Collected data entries
----------------------------------------

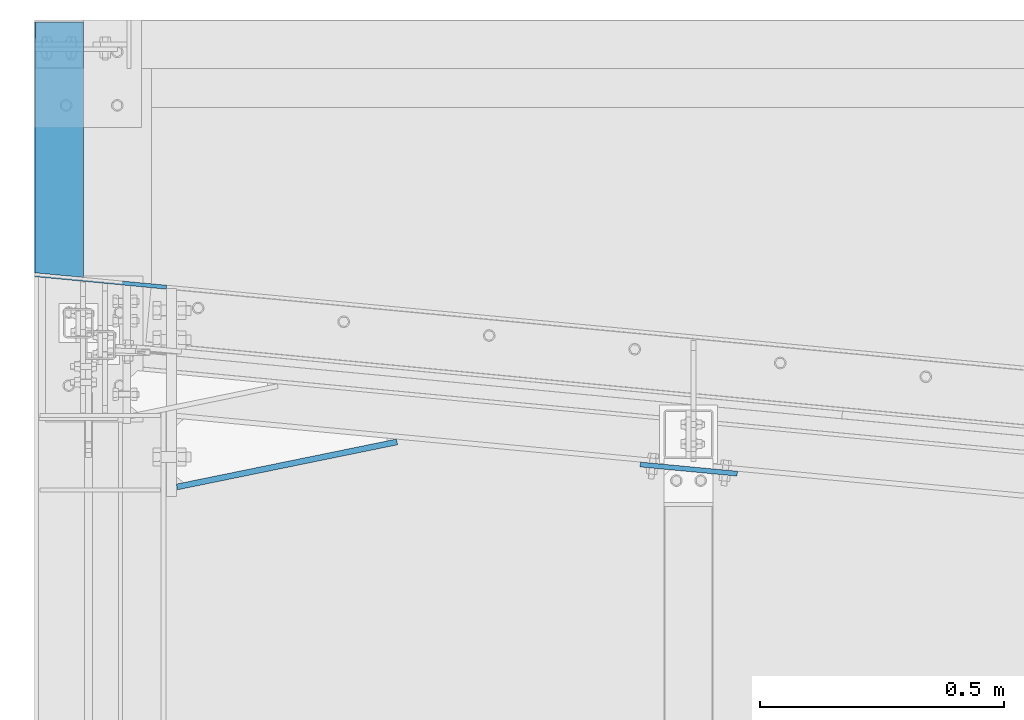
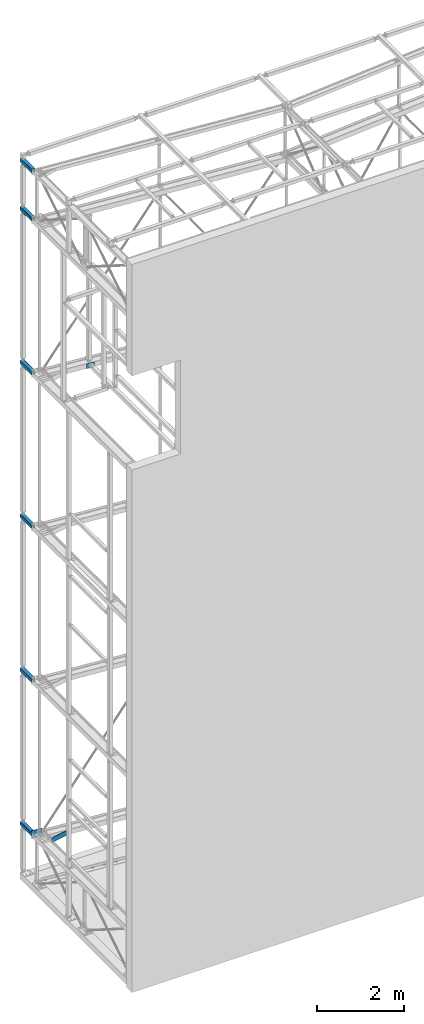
# One storey, part 76 of 271: 9 beams, 8 elements without a shape of their own.
"""IFC2X3 building model written with IfcOpenShell, lengths in millimetres."""

import ifcopenshell
import ifcopenshell.guid

model = None  # the IFC model being written
_history = None  # IfcOwnerHistory: only IFC2X3 demands one
_inside = {}  # id of a spatial element -> (the spatial element, [elements in it])
_under = {}  # id of a project, library or spatial element -> (it, [spatial elements below it])
_declared = {}  # id of a project -> (the project, [libraries it declares])
_typed = {}  # id of a type object -> (the type object, [elements of that type])
_made_of = {}  # id of a material, layer set ... -> (it, [elements and type objects made of it])


def new_model(schema):
    """Start an empty IFC model of exactly this schema.

    Asked for "IFC4X3", IfcOpenShell would pick the latest addendum, in which some entities
    have other attributes; the version numbers below select the first issue.
    IFC2X3 requires an IfcOwnerHistory on every rooted entity: one is made here for all.
    """
    global model, _history
    if schema == "IFC4X3":
        model = ifcopenshell.file(schema_version=(4, 3, 0, 0))
    else:
        model = ifcopenshell.file(schema=schema)
    _inside.clear()
    _under.clear()
    _declared.clear()
    _typed.clear()
    _made_of.clear()
    _history = None
    if model.schema == "IFC2X3":
        org = make("IfcOrganization", Name="unknown")
        user = make(
            "IfcPersonAndOrganization",
            ThePerson=make("IfcPerson", FamilyName="unknown"),
            TheOrganization=org,
        )
        app = make(
            "IfcApplication",
            ApplicationDeveloper=org,
            Version="unknown",
            ApplicationFullName="unknown",
            ApplicationIdentifier="unknown",
        )
        _history = make(
            "IfcOwnerHistory",
            OwningUser=user,
            OwningApplication=app,
            ChangeAction="ADDED",
            CreationDate=0,
        )
    return model


def make(cls, **values):
    """One entity of the class cls with the attributes given. An attribute that is None is left unset."""
    return model.create_entity(
        cls, **{name: value for name, value in values.items() if value is not None}
    )


def rooted(cls, **values):
    """An entity with a GlobalId (a new one), such as an element, a storey or a relation."""
    return make(cls, GlobalId=ifcopenshell.guid.new(), OwnerHistory=_history, **values)


def si_unit(unit_type, name, prefix=None):
    """IfcSIUnit, for example si_unit("LENGTHUNIT", "METRE", prefix="MILLI")."""
    return make("IfcSIUnit", UnitType=unit_type, Prefix=prefix, Name=name)


def assignment(units):
    """IfcUnitAssignment: the units of a project."""
    return None if units is None else make("IfcUnitAssignment", Units=units)


def point(xyz):
    """IfcCartesianPoint."""
    return None if xyz is None else make("IfcCartesianPoint", Coordinates=xyz)


def direction(xyz):
    """IfcDirection."""
    return None if xyz is None else make("IfcDirection", DirectionRatios=xyz)


def frame(location, z_axis=None, x_axis=None):
    """IfcAxis2Placement3D, a coordinate frame: its origin and axes. An axis left out is left unset."""
    return make(
        "IfcAxis2Placement3D",
        Location=point(location),
        Axis=direction(z_axis),
        RefDirection=direction(x_axis),
    )


def frame_2d(location, x_axis=None):
    """IfcAxis2Placement2D, a coordinate frame in the plane: its origin and x axis."""
    return make(
        "IfcAxis2Placement2D", Location=point(location), RefDirection=direction(x_axis)
    )


def origin_with_axes():
    """The frame at (0, 0, 0) with the z axis (0, 0, 1) and the x axis (1, 0, 0) written out."""
    return frame((0.0, 0.0, 0.0), z_axis=(0.0, 0.0, 1.0), x_axis=(1.0, 0.0, 0.0))


def origin_2d_with_axis():
    """The frame at (0, 0) in the plane with the x axis (1, 0) written out."""
    return frame_2d((0.0, 0.0), x_axis=(1.0, 0.0))


def place(relative_to, where):
    """IfcLocalPlacement: puts the frame where relative to a parent placement (None: the world)."""
    return make(
        "IfcLocalPlacement", PlacementRelTo=relative_to, RelativePlacement=where
    )


def context(
    kind, dimensions, precision=None, world=None, true_north=None, identifier=None
):
    """IfcGeometricRepresentationContext, for example the 3D "Model" context."""
    return make(
        "IfcGeometricRepresentationContext",
        ContextIdentifier=identifier,
        ContextType=kind,
        CoordinateSpaceDimension=dimensions,
        Precision=precision,
        WorldCoordinateSystem=world,
        TrueNorth=true_north,
    )


def subcontext(parent, identifier, kind, view, scale=None):
    """IfcGeometricRepresentationSubContext, for example "Body" below "Model"."""
    return make(
        "IfcGeometricRepresentationSubContext",
        ContextIdentifier=identifier,
        ContextType=kind,
        ParentContext=parent,
        TargetScale=scale,
        TargetView=view,
    )


def project(units=None, contexts=None):
    """IfcProject with its units and contexts."""
    return rooted(
        "IfcProject",
        Name="project",
        RepresentationContexts=contexts,
        UnitsInContext=assignment(units),
    )


def spatial(cls, under=None, at=None, **own):
    """A site, building, storey or space (cls), placed at a placement, below another one or the project."""
    s = rooted(cls, ObjectPlacement=at, **own)
    if under is not None:
        _under.setdefault(under.id(), (under, []))[1].append(s)
    return s


def profile(cls, at=None, kind="AREA", **sizes):
    """A parametric profile (cls). Its sizes go by their IFC names, for example OverallWidth=200.0."""
    return make(cls, ProfileType=kind, Position=at, **sizes)


def rectangle(**sizes):
    """IfcRectangleProfileDef."""
    return profile("IfcRectangleProfileDef", **sizes)


def hollow_rectangle(**sizes):
    """IfcRectangleHollowProfileDef."""
    return profile("IfcRectangleHollowProfileDef", **sizes)


def extrude(swept, where, along, depth):
    """IfcExtrudedAreaSolid: the profile swept, set in the frame where, extruded along a direction by depth."""
    return make(
        "IfcExtrudedAreaSolid",
        SweptArea=swept,
        Position=where,
        ExtrudedDirection=direction(along),
        Depth=depth,
    )


def boolean(op, a, b):
    """IfcBooleanResult of two solids."""
    return make("IfcBooleanResult", Operator=op, FirstOperand=a, SecondOperand=b)


def halfspace(plane, agree):
    """IfcHalfSpaceSolid: all space on one side of the plane z = 0 of the frame plane."""
    return make(
        "IfcHalfSpaceSolid",
        BaseSurface=make("IfcPlane", Position=plane),
        AgreementFlag=agree,
    )


def shape(context_of_items, identifier, shape_type, items):
    """IfcShapeRepresentation: the items that make up one representation, for example the "Body"."""
    return make(
        "IfcShapeRepresentation",
        ContextOfItems=context_of_items,
        RepresentationIdentifier=identifier,
        RepresentationType=shape_type,
        Items=items,
    )


def material(Name=None, Category=None):
    """IfcMaterial."""
    return make("IfcMaterial", Name=Name, Category=Category)


def made_of(thing, what):
    """Note that an element or type object is made of a material, layer set ...; save() writes the relation."""
    if what is not None:
        _made_of.setdefault(what.id(), (what, []))[1].append(thing)
    return thing


def type_object(cls, material=None, **own):
    """A type object (cls), such as IfcWallType, which elements share."""
    return made_of(rooted(cls, **own), material)


def element(
    cls,
    number,
    at=None,
    inside=None,
    cuts=None,
    type_object=None,
    material=None,
    context=None,
    identifier="Body",
    shape_type=None,
    held_by="IfcProductDefinitionShape",
    body=None,
    shapes=None,
    **own,
):
    """One element of the class cls, such as IfcWall. Its Tag is "e" and its number.

    at: its placement. inside: the storey or other place that contains it. cuts: it is an
    opening in that element (IfcRelVoidsElement). A single representation is given by context,
    identifier, shape_type and body (its items); several are given by shapes. held_by: the class
    of the entity that holds the representations. save() writes the other relations.
    """
    e = rooted(cls, Tag="e%d" % number, ObjectPlacement=at, **own)
    if body is not None:
        shapes = [shape(context, identifier, shape_type, body)]
    if shapes is not None:
        e.Representation = make(held_by, Representations=shapes)
    if inside is not None:
        _inside.setdefault(inside.id(), (inside, []))[1].append(e)
    if cuts is not None:
        rooted(
            "IfcRelVoidsElement", RelatingBuildingElement=cuts, RelatedOpeningElement=e
        )
    if type_object is not None:
        _typed.setdefault(type_object.id(), (type_object, []))[1].append(e)
    return made_of(e, material)


def aggregate(whole, parts):
    """IfcRelAggregates: a whole, such as a stair, and the parts it consists of."""
    return rooted("IfcRelAggregates", RelatingObject=whole, RelatedObjects=parts)


def save(model, path):
    """Write the relations noted so far, then the file.

    IfcRelAggregates (storeys below a building ...), IfcRelContainedInSpatialStructure (elements
    in a storey), IfcRelDefinesByType, IfcRelAssociatesMaterial and IfcRelDeclares: one each for
    every whole, place, type object, material and project.
    """
    for whole, parts in _under.values():
        aggregate(whole, parts)
    for where, things in _inside.values():
        rooted(
            "IfcRelContainedInSpatialStructure",
            RelatedElements=things,
            RelatingStructure=where,
        )
    for kind, things in _typed.values():
        rooted("IfcRelDefinesByType", RelatedObjects=things, RelatingType=kind)
    for what, things in _made_of.values():
        rooted("IfcRelAssociatesMaterial", RelatedObjects=things, RelatingMaterial=what)
    for by, libraries in _declared.values():
        rooted("IfcRelDeclares", RelatingContext=by, RelatedDefinitions=libraries)
    model.write(path)


model = new_model("IFC2X3")

# Units and contexts
model_context = context("Model", 3, precision=1e-05, world=origin_with_axes())
body_context = subcontext(model_context, "Body", "Model", "MODEL_VIEW")
ifc_project = project(units=[si_unit("LENGTHUNIT", "METRE", prefix="MILLI"), si_unit("AREAUNIT", "SQUARE_METRE"), si_unit("VOLUMEUNIT", "CUBIC_METRE"), si_unit("MASSUNIT", "GRAM", prefix="KILO"), si_unit("TIMEUNIT", "SECOND"), si_unit("PLANEANGLEUNIT", "RADIAN"), si_unit("SOLIDANGLEUNIT", "STERADIAN"), si_unit("THERMODYNAMICTEMPERATUREUNIT", "DEGREE_CELSIUS"), si_unit("LUMINOUSINTENSITYUNIT", "LUMEN")], contexts=[model_context])

# Site, building, storey
site_placement = place(None, origin_with_axes())
site = spatial("IfcSite", under=ifc_project, at=site_placement, Name="Undefined", CompositionType="ELEMENT")
building_placement = place(site_placement, origin_with_axes())
building = spatial("IfcBuilding", under=site, at=building_placement, Name="Undefined", CompositionType="ELEMENT")
storey_placement = place(building_placement, origin_with_axes())
storey = spatial("IfcBuildingStorey", under=building, at=storey_placement, Name="Undefined", CompositionType="ELEMENT", Elevation=0.0)

# Assembly, beam
assembly_1_placement = place(storey_placement, origin_with_axes())
assembly_1 = element("IfcElementAssembly", 1, at=assembly_1_placement, inside=storey, AssemblyPlace="NOTDEFINED", PredefinedType="RIGID_FRAME")
ifc_material = material(Name="STEEL/S355JR")
beam_type_1 = type_object("IfcBeamType", Name="SHS100*3", PredefinedType="NOTDEFINED")
beam_1_placement = place(assembly_1_placement, frame((38.3756870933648, 4959.32498425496, 1364.34999990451), z_axis=(-1.0, 0.0, 1.38777878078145e-17), x_axis=(0.0, -1.0, 0.0)))
beam_1 = element("IfcBeam", 2, at=beam_1_placement, type_object=beam_type_1, material=ifc_material, Name="SŁUPEK", ObjectType="SHS100*3", context=body_context, shape_type="CSG", body=[
    boolean("DIFFERENCE", boolean("DIFFERENCE", extrude(hollow_rectangle(XDim=100.0, YDim=100.0, WallThickness=3.0, InnerFilletRadius=3.0, OuterFilletRadius=6.0, at=origin_2d_with_axis()), frame((544.272864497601, 0.0, 0.0), z_axis=(-1.0, 0.0, 1.38777878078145e-17), x_axis=(0.0, -1.0, 0.0)), (0.0, 0.0, 1.0), 544.27), extrude(rectangle(XDim=80.0, YDim=335.0, at=origin_2d_with_axis()), frame((584.166929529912, 3.63797880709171e-12, -216.99447696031), z_axis=(-0.0939225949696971, 0.0, 0.995579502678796), x_axis=(0.995579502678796, 0.0, 0.0939225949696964)), (0.0, 0.0, 1.0), 300.0)), halfspace(frame((4.0, 0.0, -50.0), z_axis=(1.0, 0.0, 0.0), x_axis=(0.0, -1.0, 0.0)), True)),
])

assembly_2_placement = place(storey_placement, origin_with_axes())
assembly_2 = element("IfcElementAssembly", 3, at=assembly_2_placement, inside=storey, AssemblyPlace="NOTDEFINED", PredefinedType="RIGID_FRAME")
beam_2_placement = place(assembly_2_placement, frame((38.3756870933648, 4959.32498425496, 5684.34999990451), z_axis=(-1.0, 0.0, 1.38777878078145e-17), x_axis=(0.0, -1.0, 0.0)))
beam_2 = element("IfcBeam", 4, at=beam_2_placement, type_object=beam_type_1, material=ifc_material, Name="SŁUPEK", ObjectType="SHS100*3", context=body_context, shape_type="CSG", body=[
    boolean("DIFFERENCE", boolean("DIFFERENCE", extrude(hollow_rectangle(XDim=100.0, YDim=100.0, WallThickness=3.0, InnerFilletRadius=3.0, OuterFilletRadius=6.0, at=origin_2d_with_axis()), frame((544.272864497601, 0.0, 0.0), z_axis=(-1.0, 0.0, 1.38777878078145e-17), x_axis=(0.0, -1.0, 0.0)), (0.0, 0.0, 1.0), 544.27), extrude(rectangle(XDim=80.0, YDim=335.0, at=origin_2d_with_axis()), frame((584.166929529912, 3.63797880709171e-12, -216.99447696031), z_axis=(-0.0939225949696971, 0.0, 0.995579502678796), x_axis=(0.995579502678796, 0.0, 0.0939225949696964)), (0.0, 0.0, 1.0), 300.0)), halfspace(frame((4.0, 0.0, -50.0), z_axis=(1.0, 0.0, 0.0), x_axis=(0.0, -1.0, 0.0)), True)),
])
aggregate(assembly_2, [beam_2])

assembly_3_placement = place(storey_placement, origin_with_axes())
assembly_3 = element("IfcElementAssembly", 5, at=assembly_3_placement, inside=storey, AssemblyPlace="NOTDEFINED", PredefinedType="RIGID_FRAME")
beam_3_placement = place(assembly_3_placement, frame((38.3756870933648, 4959.32498425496, 10004.3499999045), z_axis=(-1.0, 0.0, 1.38777878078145e-17), x_axis=(0.0, -1.0, 0.0)))
beam_3 = element("IfcBeam", 6, at=beam_3_placement, type_object=beam_type_1, material=ifc_material, Name="SŁUPEK", ObjectType="SHS100*3", context=body_context, shape_type="CSG", body=[
    boolean("DIFFERENCE", boolean("DIFFERENCE", extrude(hollow_rectangle(XDim=100.0, YDim=100.0, WallThickness=3.0, InnerFilletRadius=3.0, OuterFilletRadius=6.0, at=origin_2d_with_axis()), frame((544.272864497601, 0.0, 0.0), z_axis=(-1.0, 0.0, 1.38777878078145e-17), x_axis=(0.0, -1.0, 0.0)), (0.0, 0.0, 1.0), 544.27), extrude(rectangle(XDim=80.0, YDim=335.0, at=origin_2d_with_axis()), frame((584.166929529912, 3.63797880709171e-12, -216.99447696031), z_axis=(-0.0939225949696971, 0.0, 0.995579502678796), x_axis=(0.995579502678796, 0.0, 0.0939225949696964)), (0.0, 0.0, 1.0), 300.0)), halfspace(frame((4.0, 0.0, -50.0), z_axis=(1.0, 0.0, 0.0), x_axis=(0.0, -1.0, 0.0)), True)),
])
aggregate(assembly_3, [beam_3])

assembly_4_placement = place(storey_placement, origin_with_axes())
assembly_4 = element("IfcElementAssembly", 7, at=assembly_4_placement, inside=storey, AssemblyPlace="NOTDEFINED", PredefinedType="RIGID_FRAME")
beam_4_placement = place(assembly_4_placement, frame((38.3756870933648, 4959.32498425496, 14324.3499999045), z_axis=(-1.0, 0.0, 1.38777878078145e-17), x_axis=(0.0, -1.0, 0.0)))
beam_4 = element("IfcBeam", 8, at=beam_4_placement, type_object=beam_type_1, material=ifc_material, Name="SŁUPEK", ObjectType="SHS100*3", context=body_context, shape_type="CSG", body=[
    boolean("DIFFERENCE", boolean("DIFFERENCE", extrude(hollow_rectangle(XDim=100.0, YDim=100.0, WallThickness=3.0, InnerFilletRadius=3.0, OuterFilletRadius=6.0, at=origin_2d_with_axis()), frame((544.272864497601, 0.0, 0.0), z_axis=(-1.0, 0.0, 1.38777878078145e-17), x_axis=(0.0, -1.0, 0.0)), (0.0, 0.0, 1.0), 544.27), extrude(rectangle(XDim=80.0, YDim=335.0, at=origin_2d_with_axis()), frame((584.166929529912, 3.63797880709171e-12, -216.99447696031), z_axis=(-0.0939225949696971, 0.0, 0.995579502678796), x_axis=(0.995579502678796, 0.0, 0.0939225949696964)), (0.0, 0.0, 1.0), 300.0)), halfspace(frame((4.0, 0.0, -50.0), z_axis=(1.0, 0.0, 0.0), x_axis=(0.0, -1.0, 0.0)), True)),
])
aggregate(assembly_4, [beam_4])

assembly_5_placement = place(storey_placement, origin_with_axes())
assembly_5 = element("IfcElementAssembly", 9, at=assembly_5_placement, inside=storey, AssemblyPlace="NOTDEFINED", PredefinedType="RIGID_FRAME")
beam_5_placement = place(assembly_5_placement, frame((38.3756870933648, 4959.32498425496, 20004.3499999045), z_axis=(-1.0, 0.0, 1.38777878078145e-17), x_axis=(0.0, -1.0, 0.0)))
beam_5 = element("IfcBeam", 10, at=beam_5_placement, type_object=beam_type_1, material=ifc_material, Name="SŁUPEK", ObjectType="SHS100*3", context=body_context, shape_type="CSG", body=[
    boolean("DIFFERENCE", boolean("DIFFERENCE", extrude(hollow_rectangle(XDim=100.0, YDim=100.0, WallThickness=3.0, InnerFilletRadius=3.0, OuterFilletRadius=6.0, at=origin_2d_with_axis()), frame((535.782298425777, 0.0, 0.0), z_axis=(-1.0, 0.0, 1.38777878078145e-17), x_axis=(0.0, -1.0, 0.0)), (0.0, 0.0, 1.0), 535.78), extrude(rectangle(XDim=80.0, YDim=335.0, at=origin_2d_with_axis()), frame((584.149208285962, -92.0000000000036, -216.806631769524), z_axis=(-0.0939225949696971, 0.0, 0.995579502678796), x_axis=(0.995579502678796, 0.0, 0.0939225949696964)), (0.0, 0.0, 1.0), 300.0)), halfspace(frame((4.0, 0.0, -50.0), z_axis=(1.0, 0.0, 0.0), x_axis=(0.0, -1.0, 0.0)), True)),
])
aggregate(assembly_5, [beam_5])

assembly_6_placement = place(storey_placement, origin_with_axes())
assembly_6 = element("IfcElementAssembly", 11, at=assembly_6_placement, inside=storey, AssemblyPlace="NOTDEFINED", PredefinedType="RIGID_FRAME")
beam_6_placement = place(assembly_6_placement, frame((38.3756870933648, 4959.32498425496, 18644.3499999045), z_axis=(-1.0, 0.0, 1.38777878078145e-17), x_axis=(0.0, -1.0, 0.0)))
beam_6 = element("IfcBeam", 12, at=beam_6_placement, type_object=beam_type_1, material=ifc_material, Name="SŁUPEK", ObjectType="SHS100*3", context=body_context, shape_type="CSG", body=[
    boolean("DIFFERENCE", boolean("DIFFERENCE", extrude(hollow_rectangle(XDim=100.0, YDim=100.0, WallThickness=3.0, InnerFilletRadius=3.0, OuterFilletRadius=6.0, at=origin_2d_with_axis()), frame((544.272864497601, 0.0, 0.0), z_axis=(-1.0, 0.0, 1.38777878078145e-17), x_axis=(0.0, -1.0, 0.0)), (0.0, 0.0, 1.0), 544.27), extrude(rectangle(XDim=80.0, YDim=335.0, at=origin_2d_with_axis()), frame((584.166929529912, 3.63797880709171e-12, -216.99447696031), z_axis=(-0.0939225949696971, 0.0, 0.995579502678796), x_axis=(0.995579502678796, 0.0, 0.0939225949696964)), (0.0, 0.0, 1.0), 300.0)), halfspace(frame((4.0, 0.0, -50.0), z_axis=(1.0, 0.0, 0.0), x_axis=(0.0, -1.0, 0.0)), True)),
])
aggregate(assembly_6, [beam_6])

assembly_7_placement = place(storey_placement, origin_with_axes())
assembly_7 = element("IfcElementAssembly", 13, at=assembly_7_placement, inside=storey, AssemblyPlace="NOTDEFINED", PredefinedType="RIGID_FRAME")
beam_type_2 = type_object("IfcBeamType", Name="BL10*135", PredefinedType="NOTDEFINED")
beam_7_placement = place(assembly_7_placement, frame((1430.40226139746, 4028.26254027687, 14323.8499999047), z_axis=(0.0, 0.0, -1.0), x_axis=(-0.995579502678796, 0.0939225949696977, 0.0)))
beam_7 = element("IfcBeam", 14, at=beam_7_placement, type_object=beam_type_2, material=ifc_material, Name="BLACHA", ObjectType="BL10*135", context=body_context, shape_type="SweptSolid", body=[
    extrude(rectangle(XDim=10.0, YDim=135.0, at=origin_2d_with_axis()), frame((199.998013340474, 0.0, 0.0), z_axis=(-1.0, 0.0, 1.38777878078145e-17), x_axis=(0.0, -1.0, 0.0)), (0.0, 0.0, 1.0), 200.0),
])
aggregate(assembly_7, [beam_7])

assembly_8_placement = place(storey_placement, origin_with_axes())
assembly_8 = element("IfcElementAssembly", 15, at=assembly_8_placement, inside=storey, AssemblyPlace="NOTDEFINED", PredefinedType="RIGID_FRAME")
beam_type_3 = type_object("IfcBeamType", Name="BL12*135", PredefinedType="NOTDEFINED")
beam_8_placement = place(assembly_8_placement, frame((280.578183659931, 4000.99388878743, 1364.34999990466), z_axis=(0.0, 0.0, 1.0), x_axis=(0.979710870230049, 0.20041609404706, 0.0)))
beam_8 = element("IfcBeam", 16, at=beam_8_placement, type_object=beam_type_3, material=ifc_material, Name="BLACHA", ObjectType="BL12*135", context=body_context, shape_type="SweptSolid", body=[
    extrude(rectangle(XDim=12.0, YDim=135.0, at=origin_2d_with_axis()), frame((460.999999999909, 0.0, 9.09494701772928e-13), z_axis=(-1.0, 0.0, 1.38777878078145e-17), x_axis=(0.0, -1.0, 0.0)), (0.0, 0.0, 1.0), 461.0),
])
aggregate(assembly_8, [beam_8])

# Beam
beam_type_4 = type_object("IfcBeamType", Name="BL8*220", PredefinedType="NOTDEFINED")
beam_9_placement = place(assembly_1_placement, frame((-11.2486225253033, 4436.47061503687, 1364.34999990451), z_axis=(0.0, 0.0, 1.0), x_axis=(0.995579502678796, -0.0939225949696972, 0.0)))
beam_9 = element("IfcBeam", 17, at=beam_9_placement, type_object=beam_type_4, material=ifc_material, Name="BLACHA", ObjectType="BL8*220", context=body_context, shape_type="SweptSolid", body=[
    extrude(rectangle(XDim=8.0, YDim=220.0, at=origin_2d_with_axis()), frame((271.198833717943, 0.0, 9.09494701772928e-13), z_axis=(-1.0, 0.0, 1.38777878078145e-17), x_axis=(0.0, -1.0, 0.0)), (0.0, 0.0, 1.0), 271.2),
])

aggregate(assembly_1, [beam_9, beam_1])

save(model, "model.ifc")

----------------------------------------

# [EXERCISE INSTRUCTIONS]
Please return, exactly as written, the lines from the first line of the records above through the line containing "exactly this schema.", both included, leaving out any pictures.

# [RESPONSE TO THE EXERCISE]
# One storey, part 76 of 271: 9 beams, 8 elements without a shape of their own.
"""IFC2X3 building model written with IfcOpenShell, lengths in millimetres."""

import ifcopenshell
import ifcopenshell.guid

model = None  # the IFC model being written
_history = None  # IfcOwnerHistory: only IFC2X3 demands one
_inside = {}  # id of a spatial element -> (the spatial element, [elements in it])
_under = {}  # id of a project, library or spatial element -> (it, [spatial elements below it])
_declared = {}  # id of a project -> (the project, [libraries it declares])
_typed = {}  # id of a type object -> (the type object, [elements of that type])
_made_of = {}  # id of a material, layer set ... -> (it, [elements and type objects made of it])


def new_model(schema):
    """Start an empty IFC model of exactly this schema.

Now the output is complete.